**Task data**
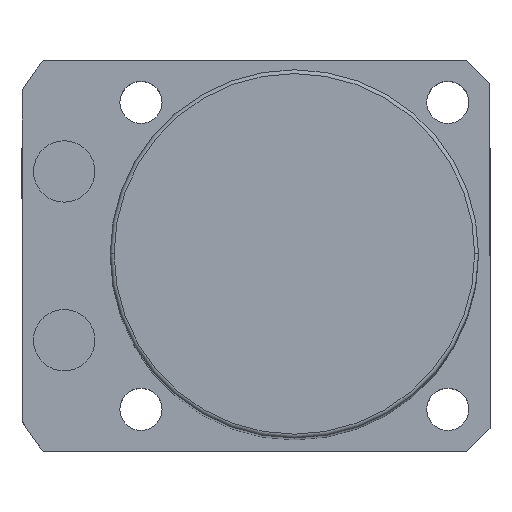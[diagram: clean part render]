
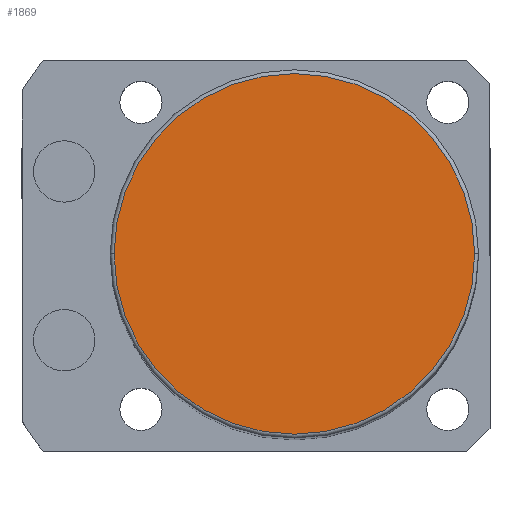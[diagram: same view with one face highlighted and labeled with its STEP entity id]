
A CAD part, top view. The second image highlights one B-rep face of the part: STEP entity #1869.
In plain terms, the highlighted planar face has unit normal (0, 0, 1).
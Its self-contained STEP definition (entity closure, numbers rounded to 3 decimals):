
#15 = DIRECTION ( 'NONE',  ( 0., 0., 1. ) ) ;
#57 = CIRCLE ( 'NONE', #1125, 23.5 ) ;
#301 = CIRCLE ( 'NONE', #1888, 23.5 ) ;
#308 = VERTEX_POINT ( 'NONE', #1743 ) ;
#494 = FACE_OUTER_BOUND ( 'NONE', #586, .T. ) ;
#586 = EDGE_LOOP ( 'NONE', ( #933, #1607 ) ) ;
#797 = CARTESIAN_POINT ( 'NONE',  ( 0., 0., 156. ) ) ;
#933 = ORIENTED_EDGE ( 'NONE', *, *, #1336, .T. ) ;
#1088 = DIRECTION ( 'NONE',  ( 0., 0., 1. ) ) ;
#1125 = AXIS2_PLACEMENT_3D ( 'NONE', #1908, #1088, #1514 ) ;
#1336 = EDGE_CURVE ( 'NONE', #1717, #308, #57, .T. ) ;
#1407 = DIRECTION ( 'NONE',  ( 1., 0., 0. ) ) ;
#1514 = DIRECTION ( 'NONE',  ( 1., 0., 0. ) ) ;
#1531 = DIRECTION ( 'NONE',  ( 1., 0., 0. ) ) ;
#1607 = ORIENTED_EDGE ( 'NONE', *, *, #2333, .T. ) ;
#1710 = DIRECTION ( 'NONE',  ( 0., 0., 1. ) ) ;
#1717 = VERTEX_POINT ( 'NONE', #2259 ) ;
#1743 = CARTESIAN_POINT ( 'NONE',  ( -23.5, 0., 156. ) ) ;
#1869 = ADVANCED_FACE ( 'NONE', ( #494 ), #2289, .T. ) ;
#1873 = AXIS2_PLACEMENT_3D ( 'NONE', #2282, #1710, #1531 ) ;
#1888 = AXIS2_PLACEMENT_3D ( 'NONE', #797, #15, #1407 ) ;
#1908 = CARTESIAN_POINT ( 'NONE',  ( 0., 0., 156. ) ) ;
#2259 = CARTESIAN_POINT ( 'NONE',  ( 23.5, 0., 156. ) ) ;
#2282 = CARTESIAN_POINT ( 'NONE',  ( 0., 0., 156. ) ) ;
#2289 = PLANE ( 'NONE',  #1873 ) ;
#2333 = EDGE_CURVE ( 'NONE', #308, #1717, #301, .T. ) ;

**Required action**
Copy out the full material exactly. Pictures should not appear in it.

**Answer section**
[diagram: clean part render]
[diagram: same view with one face highlighted and labeled with its STEP entity id]
A CAD part, top view. The second image highlights one B-rep face of the part: STEP entity #1869.
In plain terms, the highlighted planar face has unit normal (0, 0, 1).
Its self-contained STEP definition (entity closure, numbers rounded to 3 decimals):
#15 = DIRECTION ( 'NONE',  ( 0., 0., 1. ) ) ;
#57 = CIRCLE ( 'NONE', #1125, 23.5 ) ;
#301 = CIRCLE ( 'NONE', #1888, 23.5 ) ;
#308 = VERTEX_POINT ( 'NONE', #1743 ) ;
#494 = FACE_OUTER_BOUND ( 'NONE', #586, .T. ) ;
#586 = EDGE_LOOP ( 'NONE', ( #933, #1607 ) ) ;
#797 = CARTESIAN_POINT ( 'NONE',  ( 0., 0., 156. ) ) ;
#933 = ORIENTED_EDGE ( 'NONE', *, *, #1336, .T. ) ;
#1088 = DIRECTION ( 'NONE',  ( 0., 0., 1. ) ) ;
#1125 = AXIS2_PLACEMENT_3D ( 'NONE', #1908, #1088, #1514 ) ;
#1336 = EDGE_CURVE ( 'NONE', #1717, #308, #57, .T. ) ;
#1407 = DIRECTION ( 'NONE',  ( 1., 0., 0. ) ) ;
#1514 = DIRECTION ( 'NONE',  ( 1., 0., 0. ) ) ;
#1531 = DIRECTION ( 'NONE',  ( 1., 0., 0. ) ) ;
#1607 = ORIENTED_EDGE ( 'NONE', *, *, #2333, .T. ) ;
#1710 = DIRECTION ( 'NONE',  ( 0., 0., 1. ) ) ;
#1717 = VERTEX_POINT ( 'NONE', #2259 ) ;
#1743 = CARTESIAN_POINT ( 'NONE',  ( -23.5, 0., 156. ) ) ;
#1869 = ADVANCED_FACE ( 'NONE', ( #494 ), #2289, .T. ) ;
#1873 = AXIS2_PLACEMENT_3D ( 'NONE', #2282, #1710, #1531 ) ;
#1888 = AXIS2_PLACEMENT_3D ( 'NONE', #797, #15, #1407 ) ;
#1908 = CARTESIAN_POINT ( 'NONE',  ( 0., 0., 156. ) ) ;
#2259 = CARTESIAN_POINT ( 'NONE',  ( 23.5, 0., 156. ) ) ;
#2282 = CARTESIAN_POINT ( 'NONE',  ( 0., 0., 156. ) ) ;
#2289 = PLANE ( 'NONE',  #1873 ) ;
#2333 = EDGE_CURVE ( 'NONE', #308, #1717, #301, .T. ) ;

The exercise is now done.